Offline Model File Preparation

Non-Quantized Offline Model File

The following describes how to obtain an offline model using the ATC model conversion tool. For more operations, see the ATC Instructions.

  1. Log in to an Ascend AI environment where the Ascend-CANN-Toolkit has been installed.
  2. Obtain the original model files and save them in any directory.

    Example: resnet50.prototxt and resnet50.caffemodel

  3. Enable operator fusion and execute ATC-based model conversion.
    atc --model=$HOME/module/resnet50.prototxt --weight=$HOME/module/resnet50.caffemodel --framework=0 --output=$HOME/module/out/caffe_resnet50_on --soc_version=<soc_version> 

    During model conversion, operator fusion is enabled by default and does not need to be configured.

    You should see information similar to the following if the conversion is successful.
    1
    ATC run success
    

    After the command is successfully executed, an offline model (for example, caffe_resnet50_on.om) is generated in the $HOME/module/out/ directory.

  4. Disable operator fusion and execute ATC-based model conversion.
    atc --model=$HOME/module/resnet50.prototxt --weight=$HOME/module/resnet50.caffemodel --framework=0 --output=$HOME/module/out/caffe_resnet50_off --soc_version=<soc_version>  --fusion_switch_file=$HOME/module/fusion_switch.cfg

    To disable operator fusion, use the --fusion_switch_file option to specify the operator fusion pattern configuration file (for example, fusion_switch.cfg) and disable operator fusion in the file. The configuration for disabling operator fusion in the operator fusion pattern configuration file is as follows:

    {
        "Switch":{
            "GraphFusion":{
                "ALL":"off"
            },
            "UBFusion":{
                "ALL":"off"
             }
        }
    }
    You should see information similar to the following if the conversion is successful.
    1
    ATC run success
    

    After the command is successfully executed, an offline model (for example, caffe_resnet50_off.om) is generated in the $HOME/module/out/ directory.

Quantized Offline Model File

The following uses a Caffe model as an example to describe how to obtain the quantization information file by using the AMCT tool.
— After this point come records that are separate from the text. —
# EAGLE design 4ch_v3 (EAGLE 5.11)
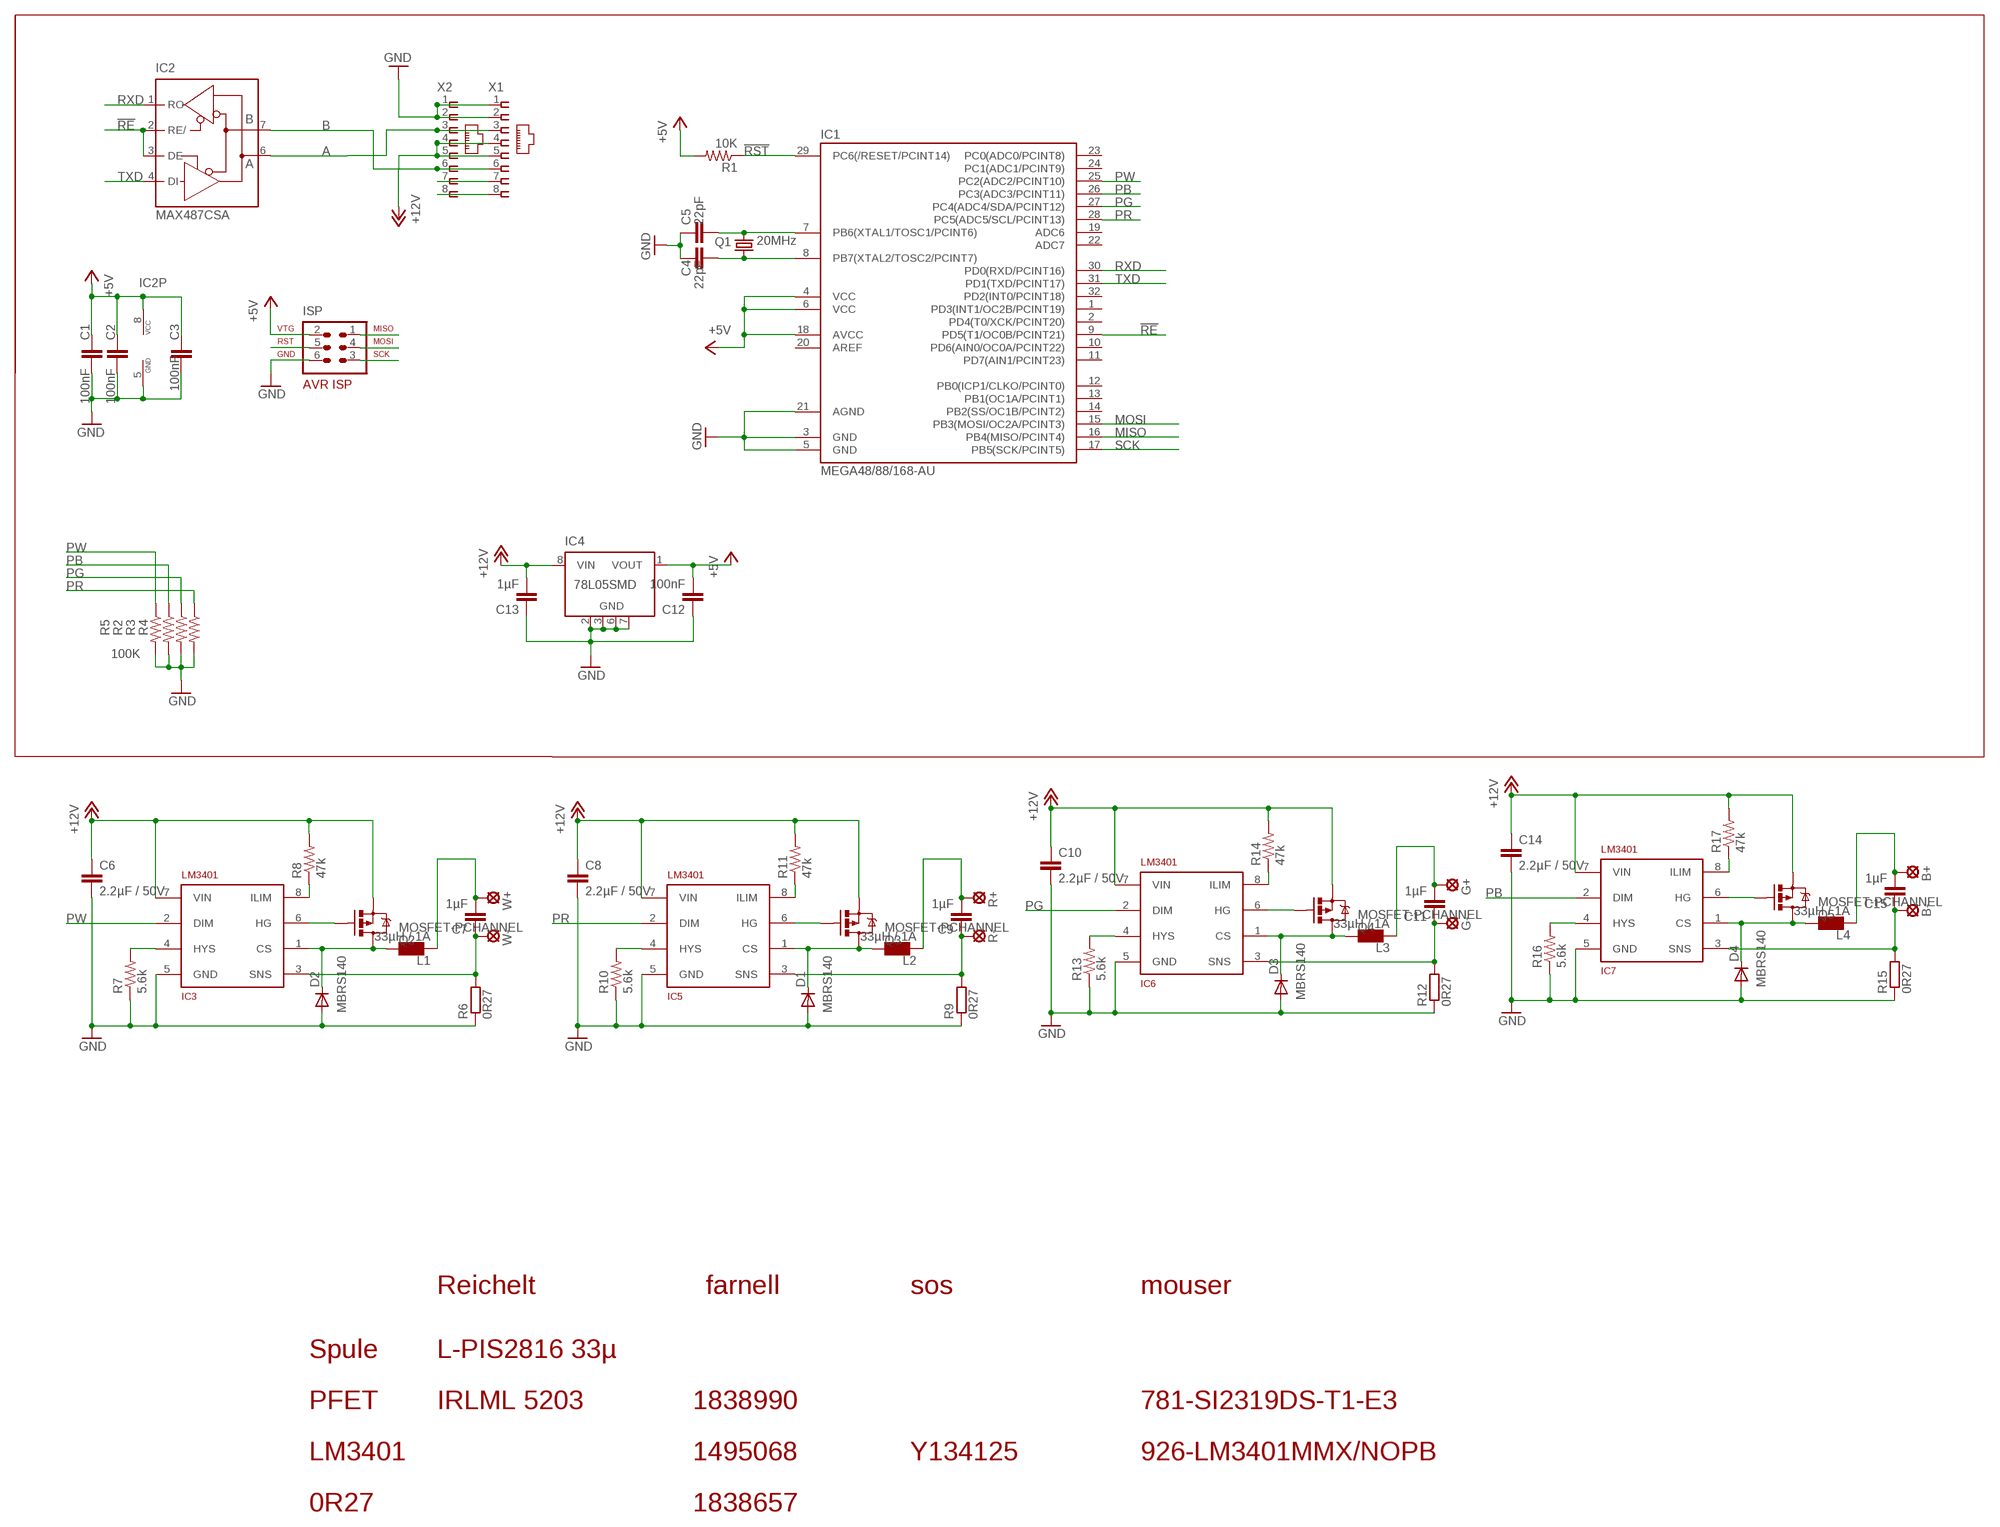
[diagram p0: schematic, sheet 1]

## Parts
B+  SE14  [SE14]
B-  SE14  [SE14]
C1  100nF  CAP0402-CAP  [0402-CAP]
C2  100nF  CAP0402-CAP  [0402-CAP]
C3  100nF  CAP0402-CAP  [0402-CAP]
C4  22pF  CAP0402-CAP  [0402-CAP]
C5  22pF  CAP0402-CAP  [0402-CAP]
C6  2.2µF / 50V  C-EUC1210  [C1210]
C7  1µF  CAP0805  [0805]
C8  2.2µF / 50V  C-EUC1210  [C1210]
C9  1µF  CAP0805  [0805]
C10  2.2µF / 50V  C-EUC1210  [C1210]
C11  1µF  CAP0805  [0805]
C12  100nF  CAP0402-CAP  [0402-CAP]
C13  1µF  CAP0805  [0805]
C14  2.2µF / 50V  C-EUC1210  [C1210]
C15  1µF  CAP0805  [0805]
D1  MBRS140  DIODE-SMB  [SMB]
D2  MBRS140  DIODE-SMB  [SMB]
D3  MBRS140  DIODE-SMB  [SMB]
D4  MBRS140  DIODE-SMB  [SMB]
G+  SE14  [SE14]
G-  SE14  [SE14]
IC1  MEGA48/88/168-AU  [TQFP32-08]
IC2  MAX487CSA  MAX481CSA  [SO08]
IC3  LM3401  [MSOP8]
IC4  78L05SMD  [SO08]
IC5  LM3401  [MSOP8]
IC6  LM3401  [MSOP8]
IC7  LM3401  [MSOP8]
ISP  AVR-ISP-6  [AVR-ISP-6]
L1  33µH / 1A  L_PIS2816  [PIS2816]
L2  33µH / 1A  L_PIS2816  [PIS2816]
L3  33µH / 1A  L_PIS2816  [PIS2816]
L4  33µH / 1A  L_PIS2816  [PIS2816]
Q1  20MHz  X22-OSCILLATOR  [X22]
Q2  MOSFET-PCHANNEL  [SOT23]
Q3  MOSFET-PCHANNEL  [SOT23]
Q4  MOSFET-PCHANNEL  [SOT23]
Q5  MOSFET-PCHANNEL  [SOT23]
R1  10K  RESISTOR0402-RES  [0402-RES]
R2  100K  RESISTOR0402-RES  [0402-RES]
R3  100K  RESISTOR0402-RES  [0402-RES]
R4  100K  RESISTOR0402-RES  [0402-RES]
R5  100K  RESISTOR0402-RES  [0402-RES]
R6  0R27  R-EU_R1206  [R1206]
R7  5.6k  RESISTOR0805-RES  [0805]
R8  47k  RESISTOR0805-RES  [0805]
R9  0R27  R-EU_R1206  [R1206]
R10  5.6k  RESISTOR0805-RES  [0805]
R11  47k  RESISTOR0805-RES  [0805]
R12  0R27  R-EU_R1206  [R1206]
R13  5.6k  RESISTOR0805-RES  [0805]
R14  47k  RESISTOR0805-RES  [0805]
R15  0R27  R-EU_R1206  [R1206]
R16  5.6k  RESISTOR0805-RES  [0805]
R17  47k  RESISTOR0805-RES  [0805]
R+  SE14  [SE14]
R-  SE14  [SE14]
W+  SE14  [SE14]
W-  SE14  [SE14]
X1  RJ45-8L-B  [RJ45-NO-SHIELD]
X2  RJ45-8L-B  [RJ45-NO-SHIELD]

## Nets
!RE: IC1.9(PD5(T1/OC0B/PCINT21)) IC2.2(RE/) IC2.3(DE)
!RST: IC1.29(PC6(/RESET/PCINT14)) ISP.5 R1.1
+5V: C1.1 C2.1 C3.1 C12.2 IC1.4(VCC) IC1.6(VCC) IC1.18(AVCC) IC2.8(VCC) IC4.1(VOUT) ISP.2 R1.2
+12V: C6.1 C8.1 C10.1 C13.2 C14.1 IC3.7(VIN) IC4.8(VIN) IC5.7(VIN) IC6.7(VIN) IC7.7(VIN) Q2.2(S) Q3.2(S) Q4.2(S) Q5.2(S) R8.2 R11.2 R14.2 R17.2 X1.4 X1.5 X2.4 X2.5
A: IC2.6(A) X1.3 X2.3
B: IC2.7(B) X1.6 X2.6
GND: C1.2 C2.2 C3.2 C4.1 C5.1 C6.2 C8.2 C10.2 C12.1 C13.1 C14.2 D1.A D2.A D3.A D4.A IC1.3(GND) IC1.5(GND) IC1.21(AGND) IC2.5(GND) IC3.5(GND) IC4.2(GND) IC4.3(GND) IC4.6(GND) IC4.7(GND) IC5.5(GND) IC6.5(GND) IC7.5(GND) ISP.6 R2.2 R3.2 R4.2 R5.2 R6.1 R7.1 R9.1 R10.1 R12.1 R13.1 R15.1 R16.1 X1.1 X1.2 X2.1 X2.2
MISO: IC1.16(PB4(MISO/PCINT4)) ISP.1
MOSI: IC1.15(PB3(MOSI/OC2A/PCINT3)) ISP.4
N$1: C7.1 IC3.3(SNS) R6.2 W-.MP
N$2: C7.2 L1.P$2 W+.MP
N$3: D2.C IC3.1(CS) L1.P$1 Q2.3(D)
N$4: C9.1 IC5.3(SNS) R9.2 R-.MP
N$5: IC3.4(HYS) R7.2
N$6: C9.2 L2.P$2 R+.MP
N$7: IC3.8(ILIM) R8.1
N$8: D1.C IC5.1(CS) L2.P$1 Q3.3(D)
N$9: IC5.4(HYS) R10.2
N$10: IC3.6(HG) Q2.1(G)
N$11: IC5.8(ILIM) R11.1
N$12: IC5.6(HG) Q3.1(G)
N$13: C11.1 G-.MP IC6.3(SNS) R12.2
N$14: C11.2 G+.MP L3.P$2
N$15: D3.C IC6.1(CS) L3.P$1 Q4.3(D)
N$16: IC6.4(HYS) R13.2
N$17: IC6.8(ILIM) R14.1
N$18: X1.7 X2.7
N$19: X1.8 X2.8
N$20: IC6.6(HG) Q4.1(G)
N$21: B-.MP C15.1 IC7.3(SNS) R15.2
N$22: B+.MP C15.2 L4.P$2
N$23: D4.C IC7.1(CS) L4.P$1 Q5.3(D)
N$24: IC7.4(HYS) R16.2
N$25: IC7.8(ILIM) R17.1
N$26: IC7.6(HG) Q5.1(G)
PB: IC1.26(PC3(ADC3/PCINT11)) IC7.2(DIM) R2.1
PG: IC1.27(PC4(ADC4/SDA/PCINT12)) IC6.2(DIM) R3.1
PR: IC1.28(PC5(ADC5/SCL/PCINT13)) IC5.2(DIM) R4.1
PW: IC1.25(PC2(ADC2/PCINT10)) IC3.2(DIM) R5.1
RXD: IC1.30(PD0(RXD/PCINT16)) IC2.1(RO)
SCK: IC1.17(PB5(SCK/PCINT5)) ISP.3
TXD: IC1.31(PD1(TXD/PCINT17)) IC2.4(DI)
XTAL1: C5.2 IC1.7(PB6(XTAL1/TOSC1/PCINT6)) Q1.3
XTAL2: C4.2 IC1.8(PB7(XTAL2/TOSC2/PCINT7)) Q1.1
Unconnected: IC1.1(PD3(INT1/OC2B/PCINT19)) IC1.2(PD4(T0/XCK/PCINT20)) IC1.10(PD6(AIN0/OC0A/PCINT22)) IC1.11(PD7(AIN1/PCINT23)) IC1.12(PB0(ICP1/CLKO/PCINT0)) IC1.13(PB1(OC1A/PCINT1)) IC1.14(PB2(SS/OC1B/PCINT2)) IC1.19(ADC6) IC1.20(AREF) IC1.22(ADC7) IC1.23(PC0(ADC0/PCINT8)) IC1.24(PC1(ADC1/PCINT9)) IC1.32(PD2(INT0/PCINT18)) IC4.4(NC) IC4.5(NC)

For more operations, see the AMCT Instructions.

  1. Install the tool. For details, see Tool Installation in the AMCT Instructions.
  2. Obtain the original model files and save them in any directory.

    Example: resnet50.prototxt and resnet50.caffemodel

  3. Prepare a binary dataset that matches the model.
    1. Switch to the amct_caffe/cmd directory and run the following command to download the calibration dataset:
      cd data 
      mkdir image && cd image
      wget https://obs-9be7.obs.cn-east-2.myhuaweicloud.com/models/amct_acl/classification/calibration.rar
      unrar e calibration.rar
    2. In the amct_caffe/cmd directory, run the following command to convert the .jpg dataset in the calibration folder to a .bin dataset:
      python3 ./src/process_data.py

      After the execution is complete, a new calibration folder is generated in the data folder, containing the generated calibration.bin dataset.

  4. Run the following command to perform quantization on the network model:
    amct_caffe calibration --model=./model/resnet50.prototxt --weights=./model/resnet50.caffemodel --save_path=./results --input_shape="data:1,3,224,224" --data_dir="./data/calibration" --data_types="float32"
  5. Check the quantization result. If the following information is displayed with no error log, the quantization is successful.
    1
    2
    INFO - [AMCT]:[Utils]: The weights_file is saved in $HOME/xxx/results/resnet50_fake_quant_weights.caffemodel
    INFO - [AMCT]:[Utils]: The model_file is saved in $HOME/xxx/results/resnet50_fake_quant_model.prototxt
    
    The resultant files and directories are described as follows:
    • resnet50_quant.json: quantization information file. This file gives the node mapping between the quantized model and the original model and is used for accuracy comparison between the quantized model and the original model.
    • resnet50_deploy_model.prototxt: quantized model file to be deployed on the Ascend AI Processor.
    • resnet50_deploy_weights.caffemodel: weight file of the quantized model to be deployed on the Ascend AI Processor.
    • resnet50_fake_quant_model.prototxt: quantized model file for accuracy simulation in the Caffe environment.
    • resnet50_fake_quant_weights.caffemodel: weight file of the quantized model for accuracy simulation in the Caffe environment.
  6. Refer to Non-Quantized Offline Model File and use ATC to convert the quantized original model files resnet50_deploy_model.prototxt and resnet50_deploy_weights.caffemodel to obtain the quantized offline model files with operator fusion enabled and disabled.